Beefy Boxes and Bandwidth Generously Provided by pair Networks
We don't bite newbies here... much
 
PerlMonks  

Fastest way to merge (and de-dup) two large arrays?

by technojosh (Priest)
on Aug 11, 2016 at 18:27 UTC ( [id://1169599]=perlquestion: print w/replies, xml ) Need Help??

technojosh has asked for the wisdom of the Perl Monks concerning the following question:

Been a while since I posted a question, and I've ran through super search a few ways today - Looking for advice on the following question:

What is the fastest way to merge (and de-dup) two large arrays?

I can already merge my two arrays and de-dup them, with the code below...

IMPORTANT NOTE: This code is already using a bunch of forks (not shown), on account of all the trips through the loop doing a smartmatch. I'm already pushing all cpu cores pretty hard, so threading/forking should not be part of your recommendation unless it would be a very different approach

# Depending on your version, you may need: no warnings 'experimental::smartmatch'; # I have two arrays, @rows and @data # @data is a pre-loaded array of strings (~60k elements) # @rows is a much larger array of strings (~600k elements) foreach my $rawData (@rows) { if( $rawData ~~ @data ) { # don't do anything, already in array } else { push(@data,$rawData) } }

My first thought is: am I doing this backwards?
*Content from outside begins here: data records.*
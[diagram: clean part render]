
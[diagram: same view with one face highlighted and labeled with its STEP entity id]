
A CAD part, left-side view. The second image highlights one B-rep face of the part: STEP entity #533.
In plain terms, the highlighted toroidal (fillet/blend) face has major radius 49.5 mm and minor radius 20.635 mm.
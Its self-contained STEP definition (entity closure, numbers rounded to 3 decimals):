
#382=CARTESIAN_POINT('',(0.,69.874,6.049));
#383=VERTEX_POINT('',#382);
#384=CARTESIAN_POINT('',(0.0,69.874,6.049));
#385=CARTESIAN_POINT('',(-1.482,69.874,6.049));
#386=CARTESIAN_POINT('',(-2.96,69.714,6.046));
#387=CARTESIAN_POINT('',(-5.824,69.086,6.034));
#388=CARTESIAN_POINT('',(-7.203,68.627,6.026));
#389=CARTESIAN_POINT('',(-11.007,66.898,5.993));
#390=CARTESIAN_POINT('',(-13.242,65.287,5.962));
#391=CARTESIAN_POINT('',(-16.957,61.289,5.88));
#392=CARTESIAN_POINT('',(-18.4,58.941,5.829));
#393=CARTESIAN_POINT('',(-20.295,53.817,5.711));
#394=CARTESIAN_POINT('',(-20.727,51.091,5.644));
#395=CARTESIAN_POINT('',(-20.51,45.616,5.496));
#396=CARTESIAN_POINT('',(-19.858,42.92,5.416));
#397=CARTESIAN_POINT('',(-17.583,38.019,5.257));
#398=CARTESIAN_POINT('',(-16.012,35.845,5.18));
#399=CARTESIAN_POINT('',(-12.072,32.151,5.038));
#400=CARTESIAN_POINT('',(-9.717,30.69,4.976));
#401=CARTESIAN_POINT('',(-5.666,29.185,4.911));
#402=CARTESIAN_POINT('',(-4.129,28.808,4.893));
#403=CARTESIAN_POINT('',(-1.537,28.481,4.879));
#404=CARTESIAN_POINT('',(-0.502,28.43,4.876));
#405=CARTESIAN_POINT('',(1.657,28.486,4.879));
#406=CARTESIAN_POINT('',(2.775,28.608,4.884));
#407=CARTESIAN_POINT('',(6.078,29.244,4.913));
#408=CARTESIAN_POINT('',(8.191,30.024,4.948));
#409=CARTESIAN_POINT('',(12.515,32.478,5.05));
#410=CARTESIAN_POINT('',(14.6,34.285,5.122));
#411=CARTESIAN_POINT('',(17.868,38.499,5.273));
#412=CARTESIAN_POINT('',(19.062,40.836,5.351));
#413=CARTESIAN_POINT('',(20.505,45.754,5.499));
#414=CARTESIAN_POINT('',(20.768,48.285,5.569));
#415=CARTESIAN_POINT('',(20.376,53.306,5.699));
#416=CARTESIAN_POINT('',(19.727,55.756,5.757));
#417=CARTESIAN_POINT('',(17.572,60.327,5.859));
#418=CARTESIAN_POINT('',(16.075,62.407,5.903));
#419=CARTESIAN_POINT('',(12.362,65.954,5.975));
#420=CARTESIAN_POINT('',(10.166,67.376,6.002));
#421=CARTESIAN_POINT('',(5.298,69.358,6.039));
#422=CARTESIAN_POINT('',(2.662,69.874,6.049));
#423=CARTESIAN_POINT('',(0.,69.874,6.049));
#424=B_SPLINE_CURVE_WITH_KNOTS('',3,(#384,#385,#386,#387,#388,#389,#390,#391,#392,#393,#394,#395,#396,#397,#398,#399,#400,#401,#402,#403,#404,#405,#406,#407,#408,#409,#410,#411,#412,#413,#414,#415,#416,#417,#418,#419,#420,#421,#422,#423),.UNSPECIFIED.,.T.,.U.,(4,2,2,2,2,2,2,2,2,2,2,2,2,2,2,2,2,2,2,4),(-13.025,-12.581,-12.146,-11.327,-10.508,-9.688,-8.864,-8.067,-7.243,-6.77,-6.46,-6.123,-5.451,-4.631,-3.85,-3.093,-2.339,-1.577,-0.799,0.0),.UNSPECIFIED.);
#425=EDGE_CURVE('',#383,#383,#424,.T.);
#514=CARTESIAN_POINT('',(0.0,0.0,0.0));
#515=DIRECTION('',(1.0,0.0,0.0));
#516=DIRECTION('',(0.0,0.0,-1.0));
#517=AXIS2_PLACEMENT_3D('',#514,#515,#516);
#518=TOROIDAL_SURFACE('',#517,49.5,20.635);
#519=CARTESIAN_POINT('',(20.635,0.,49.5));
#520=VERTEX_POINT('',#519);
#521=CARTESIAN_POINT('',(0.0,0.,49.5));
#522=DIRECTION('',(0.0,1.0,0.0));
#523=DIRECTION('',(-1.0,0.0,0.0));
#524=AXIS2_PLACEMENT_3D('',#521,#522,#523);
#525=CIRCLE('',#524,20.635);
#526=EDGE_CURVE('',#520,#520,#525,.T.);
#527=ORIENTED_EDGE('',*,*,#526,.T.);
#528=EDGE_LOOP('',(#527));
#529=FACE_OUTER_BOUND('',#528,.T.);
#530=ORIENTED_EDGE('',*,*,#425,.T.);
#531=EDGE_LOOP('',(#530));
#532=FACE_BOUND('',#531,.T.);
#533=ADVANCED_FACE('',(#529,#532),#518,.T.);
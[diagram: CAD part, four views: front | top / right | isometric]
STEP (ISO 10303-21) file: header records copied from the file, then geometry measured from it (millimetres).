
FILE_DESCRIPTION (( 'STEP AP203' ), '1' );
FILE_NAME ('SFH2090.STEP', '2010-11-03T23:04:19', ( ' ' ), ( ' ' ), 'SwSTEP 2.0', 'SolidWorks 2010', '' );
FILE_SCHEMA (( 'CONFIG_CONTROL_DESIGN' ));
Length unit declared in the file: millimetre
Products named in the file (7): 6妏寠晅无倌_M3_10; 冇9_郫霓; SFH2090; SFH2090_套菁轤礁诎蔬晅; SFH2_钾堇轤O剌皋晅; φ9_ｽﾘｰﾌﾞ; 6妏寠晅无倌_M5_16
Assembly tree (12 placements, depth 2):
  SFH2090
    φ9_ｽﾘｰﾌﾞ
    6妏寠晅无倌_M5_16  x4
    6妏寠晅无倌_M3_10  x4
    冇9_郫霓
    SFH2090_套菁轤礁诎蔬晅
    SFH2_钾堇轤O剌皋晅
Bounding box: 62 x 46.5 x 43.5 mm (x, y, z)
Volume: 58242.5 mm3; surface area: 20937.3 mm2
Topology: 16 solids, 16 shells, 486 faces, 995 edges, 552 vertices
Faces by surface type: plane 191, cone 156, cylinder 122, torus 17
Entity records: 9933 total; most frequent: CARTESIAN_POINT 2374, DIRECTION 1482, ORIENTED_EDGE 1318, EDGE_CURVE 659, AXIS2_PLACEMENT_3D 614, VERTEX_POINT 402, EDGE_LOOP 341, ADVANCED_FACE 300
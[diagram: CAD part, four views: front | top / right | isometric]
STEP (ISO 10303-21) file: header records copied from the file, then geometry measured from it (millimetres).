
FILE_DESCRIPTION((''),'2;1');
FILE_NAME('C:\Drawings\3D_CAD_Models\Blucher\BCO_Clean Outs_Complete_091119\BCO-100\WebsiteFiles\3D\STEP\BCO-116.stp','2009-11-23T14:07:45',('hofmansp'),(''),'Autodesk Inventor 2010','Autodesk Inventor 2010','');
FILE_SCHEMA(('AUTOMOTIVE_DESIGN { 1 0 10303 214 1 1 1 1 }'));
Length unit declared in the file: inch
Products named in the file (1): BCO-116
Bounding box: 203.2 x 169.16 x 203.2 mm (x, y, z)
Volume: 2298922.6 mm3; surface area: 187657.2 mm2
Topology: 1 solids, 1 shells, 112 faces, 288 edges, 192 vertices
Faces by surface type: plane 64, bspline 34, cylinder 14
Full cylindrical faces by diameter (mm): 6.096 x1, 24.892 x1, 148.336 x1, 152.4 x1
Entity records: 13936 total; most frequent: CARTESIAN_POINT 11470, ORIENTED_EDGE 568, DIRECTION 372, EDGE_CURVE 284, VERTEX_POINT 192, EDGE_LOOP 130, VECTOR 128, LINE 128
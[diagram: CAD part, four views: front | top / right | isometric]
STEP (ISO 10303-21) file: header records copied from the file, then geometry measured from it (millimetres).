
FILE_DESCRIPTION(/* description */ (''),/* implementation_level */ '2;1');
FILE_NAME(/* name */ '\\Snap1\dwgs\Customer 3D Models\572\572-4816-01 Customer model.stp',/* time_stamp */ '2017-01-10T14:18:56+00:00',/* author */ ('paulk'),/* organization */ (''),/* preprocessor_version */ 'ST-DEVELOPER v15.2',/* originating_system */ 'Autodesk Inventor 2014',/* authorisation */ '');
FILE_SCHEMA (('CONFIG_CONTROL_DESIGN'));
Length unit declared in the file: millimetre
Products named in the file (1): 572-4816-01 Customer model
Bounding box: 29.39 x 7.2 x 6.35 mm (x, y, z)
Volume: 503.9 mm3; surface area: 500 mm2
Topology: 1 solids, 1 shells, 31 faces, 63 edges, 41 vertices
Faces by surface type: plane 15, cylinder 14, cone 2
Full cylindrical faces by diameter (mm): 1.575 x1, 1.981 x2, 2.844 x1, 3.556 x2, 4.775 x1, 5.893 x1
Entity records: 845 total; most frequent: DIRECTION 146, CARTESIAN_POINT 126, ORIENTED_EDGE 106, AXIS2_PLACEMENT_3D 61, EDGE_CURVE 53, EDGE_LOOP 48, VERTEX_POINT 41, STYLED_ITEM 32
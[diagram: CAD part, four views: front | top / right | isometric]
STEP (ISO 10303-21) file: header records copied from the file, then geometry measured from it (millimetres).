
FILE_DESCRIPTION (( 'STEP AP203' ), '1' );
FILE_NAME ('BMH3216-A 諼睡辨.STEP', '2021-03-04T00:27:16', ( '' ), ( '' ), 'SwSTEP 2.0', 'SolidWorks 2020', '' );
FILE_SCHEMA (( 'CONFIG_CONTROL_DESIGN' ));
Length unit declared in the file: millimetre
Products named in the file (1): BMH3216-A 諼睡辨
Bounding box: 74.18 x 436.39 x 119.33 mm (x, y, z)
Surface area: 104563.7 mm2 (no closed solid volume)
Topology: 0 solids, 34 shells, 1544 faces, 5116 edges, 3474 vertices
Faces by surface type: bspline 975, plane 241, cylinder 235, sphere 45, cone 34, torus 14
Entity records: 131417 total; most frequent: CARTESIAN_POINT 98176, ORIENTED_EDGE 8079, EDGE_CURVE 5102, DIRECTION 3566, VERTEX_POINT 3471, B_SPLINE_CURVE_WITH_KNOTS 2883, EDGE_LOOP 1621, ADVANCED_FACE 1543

If @rows is much larger, should I just send the loop through @data instead (which would avoid 500k+ iterations?

My second thought is: This is the kind of thing Perl does very well - there must be something faster out there, besides iterating over every element individually. Maybe using hashes instead (nothing needs to be "in order" here)? As it is, this runs for hours using up 8 cores

Replies are listed 'Best First'.
Re: Fastest way to merge (and de-dup) two large arrays?
by Corion (Patriarch) on Aug 11, 2016 at 18:41 UTC

    The most likely much faster way instead of using the smartmatch operator is to tell Perl that you'll be looking up things in the smaller array very often by converting the smaller array to a hash:

    my %seen; $seen{ $_ } = 1 for @data; foreach my $rawData (@rows) { if( $seen{ $rawData } ) { # don't do anything, already in array } else { push(@data,$rawData); $seen{ $rawData } = 1; } }

      This was where I was going as well, but I was going to suggest hashing the larger array instead of the smaller one. I guess I assumed it would be faster to do fewer loop iterations checking for the existence of a key in a larger hash than the other way around. Is this something that would have to be tested on a data set to determine for sure, or is it a for sure thing to do it faster the way you show?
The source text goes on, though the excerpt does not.